What the task asks: In your copy, drop the images and return each record exactly as it stands.

Records for the exercise:
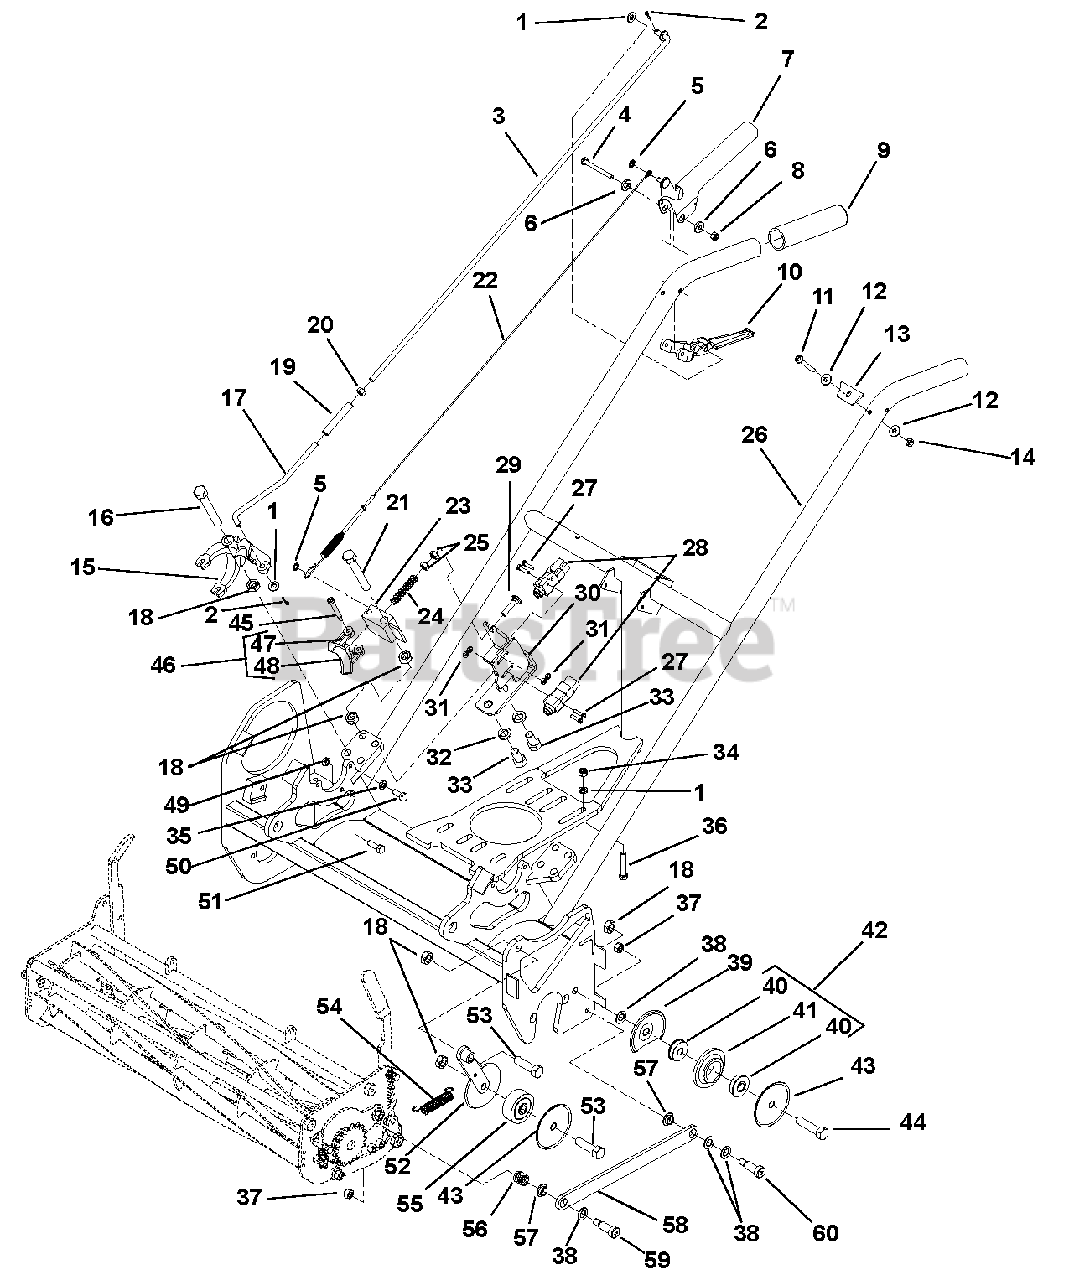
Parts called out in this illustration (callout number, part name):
1	Washer .312
2	Pin, Cotter
3	Rod, Clutch Straight
4	Cap Screw, Hex Head .25-20 2.75
5	Ring, Retaining .25
6	Bushing, Flange
7	Paddle, Clutch Hand
8	Nut, Hex .25-20 Nyloc
9	Grip
10	Lever, Clutch Hand
11	Screw, Pan Head Slotted .25-20 x 2
12	Washer, Flat .25
13	Stop, Handle
14	Nut, hex .25-20
15	Lever, Clutch Fork
16	Cap Screw, Hex Head .50-20 x 3.5
17	Angle Rod, Left
18	Nut, Jam .50-20
19	Rod, Clutch Coupler
20	Nut, Hex .312-24
21	Cap Screw, Hex Head .50-20 x 3
22	Cable Assembly, CL Brake
23	Block, Braking Right Hand
25	Nut, Hex .312-18
26	Frame Weldment, CL-125 (995310)
27	Screw, Pan Head Phillips 10-24 x .75
28	Switch, Double Pole Plunger
29	Bolt, Carriage .312-18 x 1.5
30	Weldment, Braking Retainer Right Hand
31	Nut, Nylock #10-24
32	Washer, Lock .50
33	Cap Screw, Hex Head .50-20 x 1
34	Nut, Hex .312-18 Nyloc
35	Washer, Lock .312
36	Bolt, Carriage .312-18 x 1.75
37	Nut, Hex .375-16
38	Washer, Metal Bushing .50 x 18 Gauge
39	Guard, Inner Chain (Cupped)
40	Bearing, Flange 1.375 O.D., .500 Bore
41	Shell, Chain Idler
42	Idler Assembly, Chain (Includes Items 40 and 41)
43	Disc, Chain Guide
44	Cap Screw, Hex Head .50-20 x 2
45	Pin
46	Brake Assembly (Includes Items 47 and 48)
47	Shoe, Brake
48	Pad, Brake
49	Nut, Jam .312-18
50	Cap Screw, Hex Head .312-18 x .75
51	Cap Screw, Hex Head .312-18 x 1
52	Bracket, Idler With Disc
53	Bolt, Idler .50-20 x 1.75
54	Spring, Idler High Tension
55	Idler
56	Spring, Reel
57	Bushing, Sintered Steel, Oil Impregnated
58	Arm, Reel
59	Screw, Shoulder .50 Diameter .38-16 x .75 Stainless Steel
60	Screw, Shoulder .50 Diameter .38-16 x 1 Stainless Steel
61	Sprocket, 10-Tooth
62	Spacer, Sprocket
63	Washer
64	Cap Screw, Hex Head 8 mm-1.25 x 20 8.8
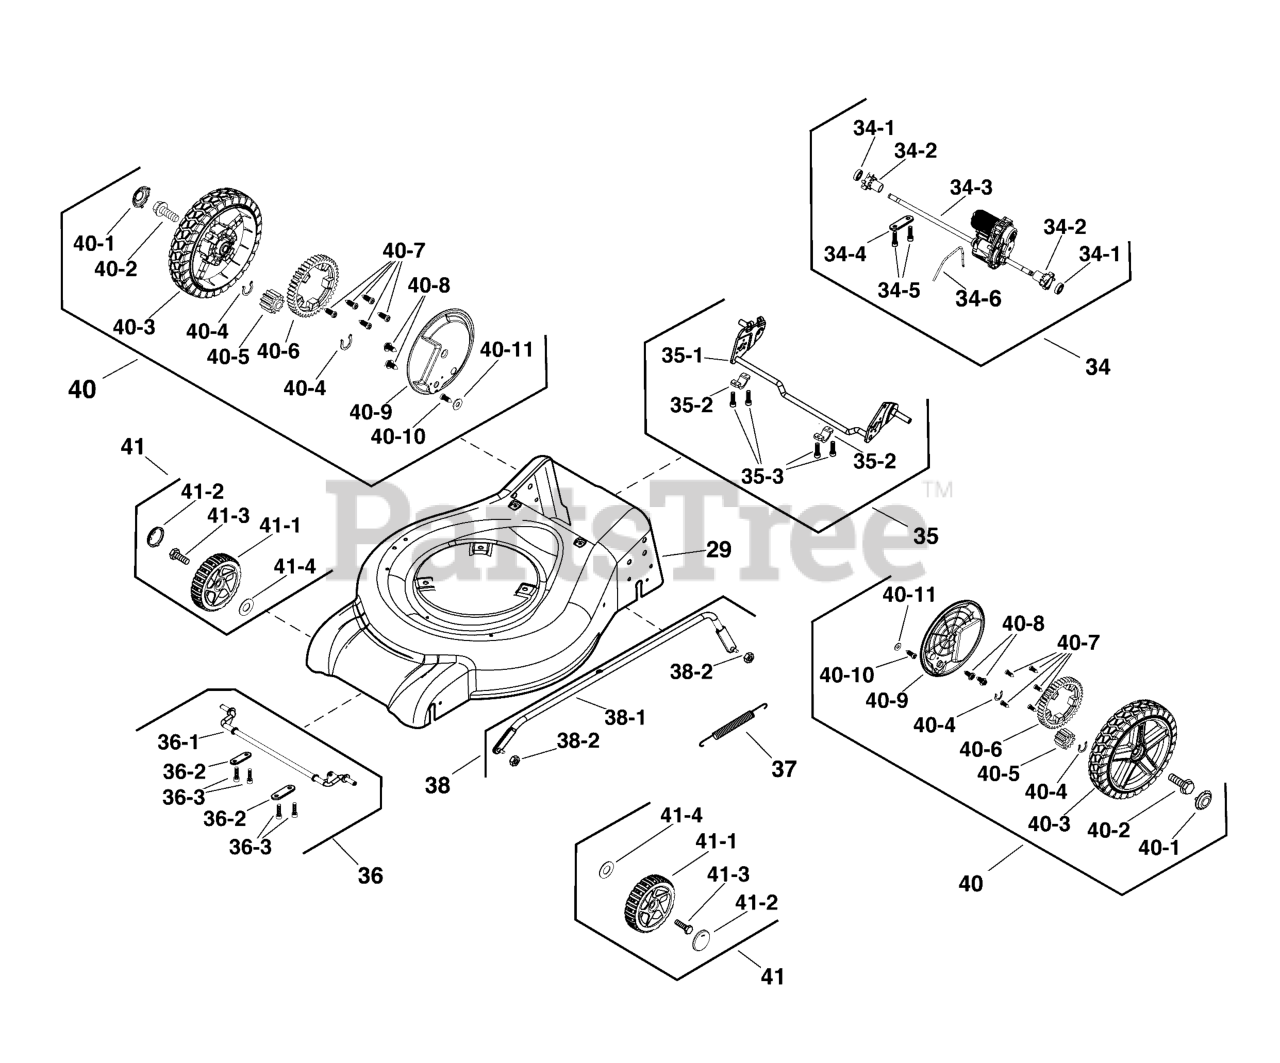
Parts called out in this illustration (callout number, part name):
29	MOWER DECK
34	KIT, GEARBOX
34-1	BEARING
34-2	COLLAR, Locking
34-3	GEARBOX
34-4	PLATE, Axle
34-6	BAFFLE, Rear
35	KIT, Rear Axle
35-1	AXLE, REAR
35-2	PLATE, Axle
36	KIT, Front Axle
36-1	AXLE, Front
36-2	PLATE, Axle
37	SPRING, Height Adjust
38	HEIGHT ADJUST ASSEMBLY
38-1	ROD, Height Adjust
38-2	NUT
40	KIT, Rear Wheel, 10"
40-1	COVER, Wheel
40-2	BOLT
40-4	RING, Snap
40-5	GEAR, Drive
40-6	GEAR, Drive
40-8	SCREW, HexHead Self Tap
40-9	COVER, Dust
41	KIT, Wheel, 8"
41-2	WASHER
41-3	BOLT
41-4	COVER, Wheel

Answer space:
Parts called out in this illustration (callout number, part name):
1	Washer .312
2	Pin, Cotter
3	Rod, Clutch Straight
4	Cap Screw, Hex Head .25-20 2.75
5	Ring, Retaining .25
6	Bushing, Flange
7	Paddle, Clutch Hand
8	Nut, Hex .25-20 Nyloc
9	Grip
10	Lever, Clutch Hand
11	Screw, Pan Head Slotted .25-20 x 2
12	Washer, Flat .25
13	Stop, Handle
14	Nut, hex .25-20
15	Lever, Clutch Fork
16	Cap Screw, Hex Head .50-20 x 3.5
17	Angle Rod, Left
18	Nut, Jam .50-20
19	Rod, Clutch Coupler
20	Nut, Hex .312-24
21	Cap Screw, Hex Head .50-20 x 3
22	Cable Assembly, CL Brake
23	Block, Braking Right Hand
25	Nut, Hex .312-18
26	Frame Weldment, CL-125 (995310)
27	Screw, Pan Head Phillips 10-24 x .75
28	Switch, Double Pole Plunger
29	Bolt, Carriage .312-18 x 1.5
30	Weldment, Braking Retainer Right Hand
31	Nut, Nylock #10-24
32	Washer, Lock .50
33	Cap Screw, Hex Head .50-20 x 1
34	Nut, Hex .312-18 Nyloc
35	Washer, Lock .312
36	Bolt, Carriage .312-18 x 1.75
37	Nut, Hex .375-16
38	Washer, Metal Bushing .50 x 18 Gauge
39	Guard, Inner Chain (Cupped)
40	Bearing, Flange 1.375 O.D., .500 Bore
41	Shell, Chain Idler
42	Idler Assembly, Chain (Includes Items 40 and 41)
43	Disc, Chain Guide
44	Cap Screw, Hex Head .50-20 x 2
45	Pin
46	Brake Assembly (Includes Items 47 and 48)
47	Shoe, Brake
48	Pad, Brake
49	Nut, Jam .312-18
50	Cap Screw, Hex Head .312-18 x .75
51	Cap Screw, Hex Head .312-18 x 1
52	Bracket, Idler With Disc
53	Bolt, Idler .50-20 x 1.75
54	Spring, Idler High Tension
55	Idler
56	Spring, Reel
57	Bushing, Sintered Steel, Oil Impregnated
58	Arm, Reel
59	Screw, Shoulder .50 Diameter .38-16 x .75 Stainless Steel
60	Screw, Shoulder .50 Diameter .38-16 x 1 Stainless Steel
61	Sprocket, 10-Tooth
62	Spacer, Sprocket
63	Washer
64	Cap Screw, Hex Head 8 mm-1.25 x 20 8.8
Parts called out in this illustration (callout number, part name):
29	MOWER DECK
34	KIT, GEARBOX
34-1	BEARING
34-2	COLLAR, Locking
34-3	GEARBOX
34-4	PLATE, Axle
34-6	BAFFLE, Rear
35	KIT, Rear Axle
35-1	AXLE, REAR
35-2	PLATE, Axle
36	KIT, Front Axle
36-1	AXLE, Front
36-2	PLATE, Axle
37	SPRING, Height Adjust
38	HEIGHT ADJUST ASSEMBLY
38-1	ROD, Height Adjust
38-2	NUT
40	KIT, Rear Wheel, 10"
40-1	COVER, Wheel
40-2	BOLT
40-4	RING, Snap
40-5	GEAR, Drive
40-6	GEAR, Drive
40-8	SCREW, HexHead Self Tap
40-9	COVER, Dust
41	KIT, Wheel, 8"
41-2	WASHER
41-3	BOLT
41-4	COVER, Wheel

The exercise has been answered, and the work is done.